Newly issued U.S. Securities and Exchange Commission guidance makes it clear that the social media tactics companies have used to raise billions of dollars on crowdfunding sites like Kickstarter or Indiegogo won’t be allowed for Michigan companies trying to sell stock via crowdfunding, according to West Michigan securities experts.

On April 11, SEC staff released new Compliance and Disclosure Interpretations (CDIs) related to intrastate offering exemptions such as the Michigan Invests Locally Exemption (MILE), which allows Michigan-based companies to raise money from Michigan-based investors. The CDIs offer insight into the SEC staff’s stance on crowdfunding portals as well as the use of social media and the web to promote intrastate stock offerings.
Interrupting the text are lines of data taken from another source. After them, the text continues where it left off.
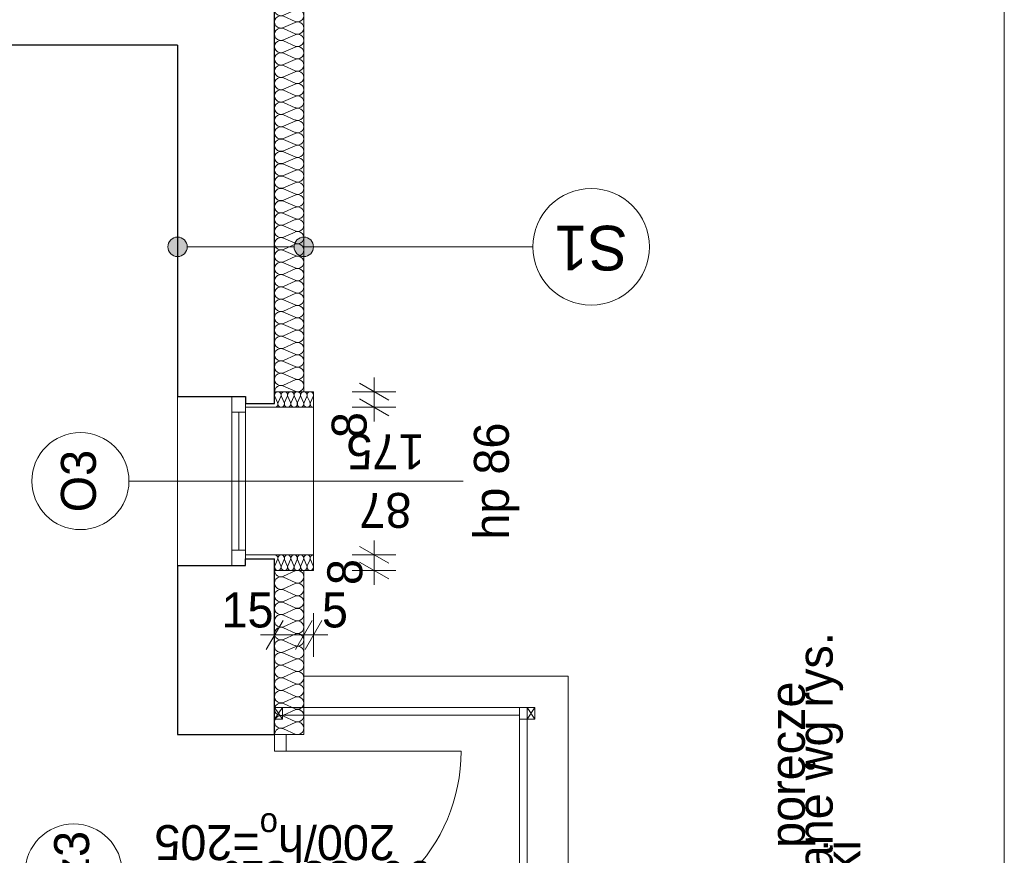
# Model space of a CAD drawing. Extents: x -21260 to 35740, y -2672 to 187028.
# Tile 68 of 120: x 30672 to 35740, y 58424 to 62726. Entities that reach past the tile are written whole.
import ezdxf

# ---------------------------------------------------------------- set-up
doc = ezdxf.new("R2010")
doc.units = 0
doc.header["$MEASUREMENT"] = 0
doc.linetypes.add('Krawędzie ukryte', pattern=[150, 100, -50])
for name, color, linetype, lineweight, true_color in [('arch izolacje_Nr_Pióra__3', 7, 'Continuous', 13, 0xff6600), ('Arch ocieplenie_Nr_Pióra__22', 7, 'Continuous', 9, 0x7f7f7f), ('INWENT.ŚCIANY_Nr_Pióra__2', 7, 'Continuous', 13, 0x7f7f7f)]:
    doc.layers.add(name, color=color, linetype=linetype, lineweight=lineweight, true_color=true_color)
for name, color, linetype in [('Arch ocieplenie', 7, 'Continuous'), ('Arch opisy', 7, 'Continuous'), ('Arch wymiary', 7, 'Continuous')]:
    doc.layers.add(name, color=color, linetype=linetype)
for name, color, linetype, lineweight in [('Arch opisy okien_Nr_Pióra__21', 7, 'Continuous', 13), ('Arch opisy_Nr_Pióra__1', 7, 'Continuous', 25), ('Arch opisy_Nr_Pióra__21', 7, 'Continuous', 13), ('ARCH TABELA_Nr_Pióra__21', 7, 'Continuous', 13), ('Arch wymiary_Nr_Pióra__5', 7, 'Continuous', 13), ('INWENT BALUSTRADY_Nr_Pióra__26', 5, 'Continuous', 13), ('INWENT OPISY_Nr_Pióra__21', 7, 'Continuous', 13), ('INWENT. DRZWI_Nr_Pióra__21', 7, 'Continuous', 13), ('INWENT. OKNA_Nr_Pióra__5', 7, 'Continuous', 13), ('INWENT.ŚCIANY_Nr_Pióra__1', 7, 'Continuous', 25), ('INWENT.ŚCIANY_Nr_Pióra__21', 7, 'Continuous', 13), ('Istniejące schody_Nr_Pióra__21', 7, 'Continuous', 13)]:
    doc.layers.add(name, color=color, linetype=linetype, lineweight=lineweight)
doc.styles.add('GENERATED_STYLE_1', font='txt')
doc.styles.add('GENERATED_STYLE_4', font='txt')
doc.styles.add('GENERATED_STYLE_6', font='txt')
doc.styles.add('GENERATED_STYLE_7', font='txt')
doc.dimstyles.new('GENERATED_STYLE__1', dxfattribs={"dimtxt": 179.999995, "dimasz": 114, "dimexe": 0.18, "dimexo": 0, "dimgap": 0.09, "dimtad": 1, "dimdec": 0, "dimlfac": 0.1, "dimzin": 0, "dimdsep": 46, "dimtxsty": 'GENERATED_STYLE_1', "dimblk": 'ARROWHEAD_2', "dimblk1": 'ARROWHEAD_2', "dimblk2": 'ARROWHEAD_2', "dimcen": 0.09, "dimclrd": 7, "dimclre": 7, "dimclrt": 7, "dimazin": 0, "dimtfac": 1, "dimtdec": 4, "dimtmove": 0, "dimatfit": 3, "dimfxl": 0, "dimtolj": 1, "dimtzin": 0, "dimarcsym": 0})
doc.dimstyles.new('GENERATED_STYLE__2', dxfattribs={"dimtxt": 179.999995, "dimasz": 114, "dimexe": 0.18, "dimexo": 0, "dimgap": 0.09, "dimtad": 1, "dimdec": 0, "dimlfac": 0.1, "dimzin": 0, "dimdsep": 46, "dimtxsty": 'GENERATED_STYLE_1', "dimblk": 'ARROWHEAD_2', "dimblk1": 'ARROWHEAD_2', "dimblk2": 'ARROWHEAD_2', "dimcen": 0.09, "dimclrd": 7, "dimclre": 7, "dimclrt": 7, "dimazin": 0, "dimtfac": 1, "dimtdec": 4, "dimtmove": 2, "dimatfit": 3, "dimfxl": 0, "dimtolj": 1, "dimtzin": 0, "dimarcsym": 0})
doc.dimstyles.new('GENERATED_STYLE__3', dxfattribs={"dimtxt": 179.999995, "dimasz": 114, "dimexe": 0.18, "dimexo": 0, "dimgap": 0.09, "dimtad": 1, "dimtih": 1, "dimtoh": 1, "dimdec": 0, "dimlfac": 0.1, "dimzin": 0, "dimdsep": 46, "dimtxsty": 'GENERATED_STYLE_1', "dimblk": 'ARROWHEAD_2', "dimblk1": 'ARROWHEAD_2', "dimblk2": 'ARROWHEAD_2', "dimcen": 0.09, "dimclrd": 7, "dimclre": 7, "dimclrt": 7, "dimazin": 0, "dimtfac": 1, "dimtdec": 4, "dimtmove": 0, "dimatfit": 3, "dimfxl": 0, "dimtolj": 1, "dimtzin": 0, "dimarcsym": 0})

# ---------------------------------------------------------------- blocks, each defined once
blk = doc.blocks.new('Izolacja cieplna 14_13', base_point=(31984.1, 60810.9))
at = {"layer": 'Arch ocieplenie_Nr_Pióra__22', "linetype": 'Continuous'}
for p, q in [((32028.8, 63066.8), (32089.4, 63093.2)), ((32089.4, 63035), (32028.8, 63061.5)), ((32028.8, 63003.3), (32089.4, 63029.7)), ((32089.4, 62971.6), (32028.8, 62998)), ((32028.8, 62939.8), (32089.4, 62966.2)), ((32089.4, 62908.1), (32028.8, 62934.5)), ((32028.8, 62876.4), (32089.4, 62902.8)), ((32089.4, 62844.6), (32028.8, 62871)), ((32028.8, 62812.9), (32089.4, 62839.3)), ((32089.4, 62781.2), (32028.8, 62807.6)), ((32028.8, 62749.4), (32089.4, 62775.8)), ((32089.4, 62717.7), (32028.8, 62744.1)), ((32028.8, 62686), (32089.4, 62712.4)), ((32089.4, 62654.2), (32028.8, 62680.6)), ((32028.8, 62622.5), (32089.4, 62648.9)), ((32089.4, 62590.7), (32028.8, 62617.1)), ((32028.8, 62559), (32089.4, 62585.4)), ((32089.4, 62527.3), (32028.8, 62553.7)), ((32028.8, 62495.5), (32089.4, 62521.9)), ((32089.4, 62463.8), (32028.8, 62490.2)), ((32028.8, 62432.1), (32089.4, 62458.5)), ((32089.4, 62400.3), (32028.8, 62426.7)), ((32028.8, 62368.6), (32089.4, 62395)), ((32089.4, 62336.9), (32028.8, 62363.3)), ((32028.8, 62305.1), (32089.4, 62331.5)), ((32089.4, 62273.4), (32028.8, 62299.8)), ((32028.8, 62241.6), (32089.4, 62268)), ((32089.4, 62209.9), (32028.8, 62236.3)), ((32028.8, 62178.2), (32089.4, 62204.6)), ((32089.4, 62146.4), (32028.8, 62172.8)), ((32028.8, 62114.7), (32089.4, 62141.1)), ((32089.4, 62083), (32028.8, 62109.4)), ((32028.8, 62051.2), (32089.4, 62077.6)), ((32089.4, 62019.5), (32028.8, 62045.9)), ((32028.8, 61987.8), (32089.4, 62014.2)), ((32089.4, 61956), (32028.8, 61982.4)), ((32028.8, 61924.3), (32089.4, 61950.7)), ((32089.4, 61892.5), (32028.8, 61919)), ((32028.8, 61860.8), (32089.4, 61887.2)), ((32089.4, 61829.1), (32028.8, 61855.5)), ((32028.8, 61797.3), (32089.4, 61823.7)), ((32089.4, 61765.6), (32028.8, 61792)), ((32028.8, 61733.9), (32089.4, 61760.3)), ((32089.4, 61702.1), (32028.8, 61728.5)), ((32028.8, 61670.4), (32089.4, 61696.8)), ((32089.4, 61638.7), (32028.8, 61665.1)), ((32028.8, 61606.9), (32089.4, 61633.3)), ((32089.4, 61575.2), (32028.8, 61601.6)), ((32028.8, 61543.5), (32089.4, 61569.9)), ((32089.4, 61511.7), (32028.8, 61538.1)), ((32028.8, 61480), (32089.4, 61506.4)), ((32089.4, 61448.2), (32028.8, 61474.6)), ((32028.8, 61416.5), (32089.4, 61442.9)), ((32089.4, 61384.8), (32028.8, 61411.2)), ((32028.8, 61353), (32089.4, 61379.4)), ((32089.4, 61321.3), (32028.8, 61347.7)), ((32028.8, 61289.6), (32089.4, 61316)), ((32089.4, 61257.8), (32028.8, 61284.2)), ((32028.8, 61226.1), (32089.4, 61252.5)), ((32089.4, 61194.4), (32028.8, 61220.8)), ((32028.8, 61162.6), (32089.4, 61189)), ((32089.4, 61130.9), (32028.8, 61157.3)), ((32028.8, 61099.1), (32089.4, 61125.5)), ((32089.4, 61067.4), (32028.8, 61093.8)), ((32028.8, 61035.7), (32089.4, 61062.1)), ((32089.4, 61003.9), (32028.8, 61030.3)), ((32028.8, 60972.2), (32089.4, 60998.6)), ((32089.4, 60940.5), (32028.8, 60966.9)), ((32028.8, 60908.7), (32089.4, 60935.1)), ((32089.4, 60877), (32028.8, 60903.4)), ((32028.8, 60845.3), (32089.4, 60871.7)), ((32089.4, 60813.5), (32028.8, 60839.9))]:
    blk.add_line(p, q, dxfattribs=at)
for centre, start_param, end_param in [((32016, 63032.4), 4.299595, 8.266774), ((32016, 63095.9), 0, 1.983589), ((32102.2, 63064.1), 1.158003, 5.125183), ((32016, 62968.9), 4.299595, 8.266774), ((32102.2, 63000.6), 1.158003, 5.125183), ((32102.2, 62937.2), 1.158003, 5.125183), ((32016, 62905.4), 4.299595, 8.266774), ((32102.2, 62873.7), 1.158003, 5.125183), ((32016, 62842), 4.299595, 8.266774), ((32016, 62778.5), 4.299595, 8.266774), ((32102.2, 62810.2), 1.158003, 5.125183), ((32016, 62715), 4.299595, 8.266774), ((32102.2, 62746.8), 1.158003, 5.125183), ((32102.2, 62683.3), 1.158003, 5.125183), ((32016, 62651.5), 4.299595, 8.266774), ((32102.2, 62619.8), 1.158003, 5.125183), ((32016, 62588.1), 4.299595, 8.266774), ((32016, 62524.6), 4.299595, 8.266774), ((32102.2, 62556.3), 1.158003, 5.125183), ((32016, 62461.1), 4.299595, 8.266774), ((32102.2, 62492.9), 1.158003, 5.125183), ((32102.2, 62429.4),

Companies can advertise their stock offerings, the SEC wrote, but only to residents in the state where the company is based. As a result, crowdfunding websites that conduct stock sales must implement “adequate measures” such as disclaimers or restricted-access websites to ensure the stock offerings are made only to residents of the state.

Additionally, using a company’s website or social media sites to offer securities is generally not permissible under the intrastate exemptions because those messages would reach potential investors outside of the state.  

“The SEC is saying, in effect, that the intrastate exemption is truly intrastate — if you’re promoting [your offering] outside of the state, that’s a problem,” said attorney Jeffrey J. Van Winkle, a partner at Grand Rapids office of Clark Hill PLC.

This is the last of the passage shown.